* _Task_
Working from the entries that follow, retype each one without any alteration.

* _Given records_
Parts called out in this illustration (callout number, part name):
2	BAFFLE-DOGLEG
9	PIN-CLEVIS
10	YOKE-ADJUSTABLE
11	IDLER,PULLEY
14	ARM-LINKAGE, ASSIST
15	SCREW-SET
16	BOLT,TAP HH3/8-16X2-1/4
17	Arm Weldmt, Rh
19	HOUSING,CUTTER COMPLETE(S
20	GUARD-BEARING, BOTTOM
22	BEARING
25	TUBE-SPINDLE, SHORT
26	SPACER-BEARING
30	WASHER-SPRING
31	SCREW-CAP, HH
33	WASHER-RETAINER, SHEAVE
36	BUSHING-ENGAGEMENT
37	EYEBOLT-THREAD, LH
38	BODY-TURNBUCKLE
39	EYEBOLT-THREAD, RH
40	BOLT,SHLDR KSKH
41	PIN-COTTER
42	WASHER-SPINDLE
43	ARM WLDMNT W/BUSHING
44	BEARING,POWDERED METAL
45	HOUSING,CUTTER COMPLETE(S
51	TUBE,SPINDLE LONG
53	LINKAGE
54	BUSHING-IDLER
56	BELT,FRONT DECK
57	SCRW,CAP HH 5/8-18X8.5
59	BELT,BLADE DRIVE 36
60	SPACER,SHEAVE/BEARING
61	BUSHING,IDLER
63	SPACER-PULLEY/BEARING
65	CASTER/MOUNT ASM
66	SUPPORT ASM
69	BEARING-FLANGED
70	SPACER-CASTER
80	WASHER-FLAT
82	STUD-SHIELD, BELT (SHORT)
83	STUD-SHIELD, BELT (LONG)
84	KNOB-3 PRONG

* _The answer_
Parts called out in this illustration (callout number, part name):
2	BAFFLE-DOGLEG
9	PIN-CLEVIS
10	YOKE-ADJUSTABLE
11	IDLER,PULLEY
14	ARM-LINKAGE, ASSIST
15	SCREW-SET
16	BOLT,TAP HH3/8-16X2-1/4
17	Arm Weldmt, Rh
19	HOUSING,CUTTER COMPLETE(S
20	GUARD-BEARING, BOTTOM
22	BEARING
25	TUBE-SPINDLE, SHORT
26	SPACER-BEARING
30	WASHER-SPRING
31	SCREW-CAP, HH
33	WASHER-RETAINER, SHEAVE
36	BUSHING-ENGAGEMENT
37	EYEBOLT-THREAD, LH
38	BODY-TURNBUCKLE
39	EYEBOLT-THREAD, RH
40	BOLT,SHLDR KSKH
41	PIN-COTTER
42	WASHER-SPINDLE
43	ARM WLDMNT W/BUSHING
44	BEARING,POWDERED METAL
45	HOUSING,CUTTER COMPLETE(S
51	TUBE,SPINDLE LONG
53	LINKAGE
54	BUSHING-IDLER
56	BELT,FRONT DECK
57	SCRW,CAP HH 5/8-18X8.5
59	BELT,BLADE DRIVE 36
60	SPACER,SHEAVE/BEARING
61	BUSHING,IDLER
63	SPACER-PULLEY/BEARING
65	CASTER/MOUNT ASM
66	SUPPORT ASM
69	BEARING-FLANGED
70	SPACER-CASTER
80	WASHER-FLAT
82	STUD-SHIELD, BELT (SHORT)
83	STUD-SHIELD, BELT (LONG)
84	KNOB-3 PRONG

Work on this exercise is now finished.